Naturally, there are tons of ways I could ask this question. And since ChatGPT-3.5 is free, I’d encourage you to go try a few combinations yourself.
But in my case, even my very first attempt at a prompt resulted in a rather intriguing—and revealing— answer from our AI friend:
The most impressive part of this response is that ChatGPT seemingly knows that the Chase Sapphire Preferred has travel insurance and the Citi Premier doesn’t. That may seem like a minor footnote, but it’s a distinction that could save you up to $20,000 per trip.
I’m also a fan of the General Tips the AI provided, which could also be huge time- and money-savers.
But keen-eyed credit card nerds will notice something… off… about this response. The AI didn’t mention any statement credits, and more tellingly, it got the Citi Premier card’s reward categories totally wrong. According to Citi, the card gets 3X on dining, not 2X, and there’s no rewards category for “Entertainment.”
So where did ChatGPT get this information?
The massive caveat to all this: ChatGPT’s data is old
ChatGPT may pull data from every corner of the internet, but it’s not today’s internet. It’s an archive from January, 2022.
To the AI’s credit, if you ask about something current it’ll often warn you of this limitation:
So what does this mean within the context of using AI to spend rewards points?
Well, considering just how fast the credit card industry moves, it means ChatGPT’s usefulness as a modern day assistant is limited. Without knowing the latest rates, fees, rewards, transfer rates, or even which rewards cards are currently available, there’s not a whole lot of guidance the chatbot can provide without some degree of uncertainty.
You can always pay $20 per month to upgrade to GPT-4 Turbo, which pulls from data as recent as April, 2023. But even then, your AI assistant may not be aware of the latest and greatest benefits, such as the World of Hyatt Business card’s temporary 75,000-point welcome bonus. So until we get an AI ravenous for real-time data, we’ll have to settle for something that’s helpful—with an asterisk.
The final verdict
ChatGPT’s ability to synthesize data from multiple sources, extract the most helpful nuggets and tie it all together in a cohesive, legible response is beyond remarkable.
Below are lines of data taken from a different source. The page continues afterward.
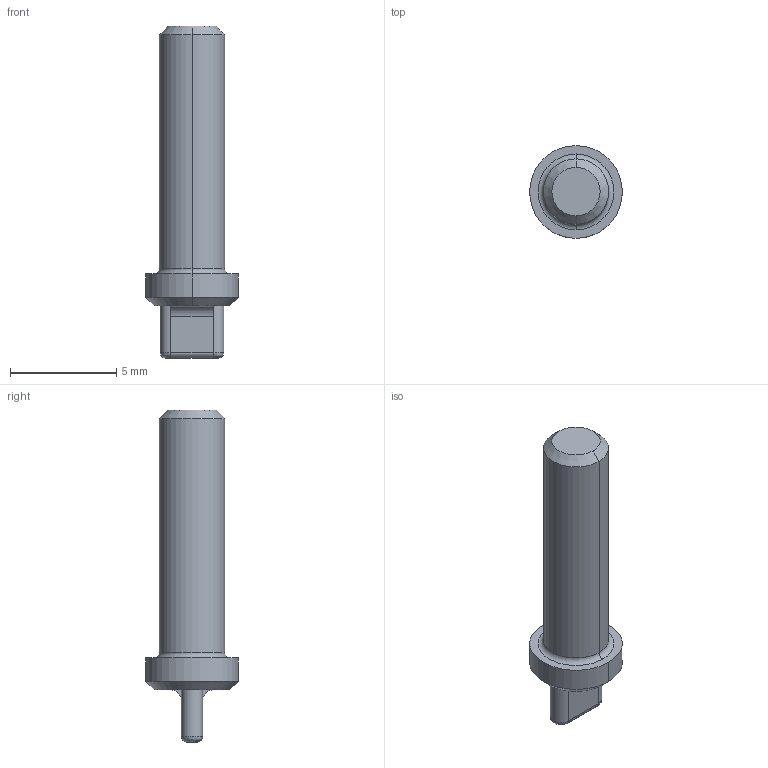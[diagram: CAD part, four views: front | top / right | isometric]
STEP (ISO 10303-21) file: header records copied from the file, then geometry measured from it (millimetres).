
FILE_DESCRIPTION((''),'2;1');
FILE_NAME('C-776363-1','2008-09-17T',('workeradm'),('Tyco Electronics Corporation'),'PRO/ENGINEER BY PARAMETRIC TECHNOLOGY CORPORATION, 2005450','PRO/ENGINEER BY PARAMETRIC TECHNOLOGY CORPORATION, 2005450','');
FILE_SCHEMA(('CONFIG_CONTROL_DESIGN', 'GEOMETRIC_VALIDATION_PROPERTIES_MIM'));
Length unit declared in the file: millimetre
Products named in the file (1): C-776363-1
Bounding box: 4.35 x 4.35 x 15.6 mm (x, y, z)
Volume: 113.9 mm3; surface area: 171.8 mm2
Topology: 1 solids, 1 shells, 28 faces, 58 edges, 34 vertices
Faces by surface type: plane 10, cylinder 10, cone 4, torus 2, bspline 2
Entity records: 915 total; most frequent: CARTESIAN_POINT 175, DIRECTION 140, ORIENTED_EDGE 116, COLOUR_RGB 64, EDGE_CURVE 58, AXIS2_PLACEMENT_3D 56, VERTEX_POINT 34, EDGE_LOOP 30

I threw it some moderately tough questions for this article and many of its responses looked like email responses I might’ve gotten from a colleague (though wordier, and with fewer emojis).
But the chatbot’s inability to incorporate data from the last nine months is a severe and subjectively deal-breaking limitation when it comes to offering credit card advice. With benefits and rewards constantly coming and going on a weekly basis, you’re still going to need someone (or something) who can process that data in real-time, producing hot-and-fresh recommendations that can save you time, money and points.
So until the machines rise up to replace us, Fortune Recommends is here to help.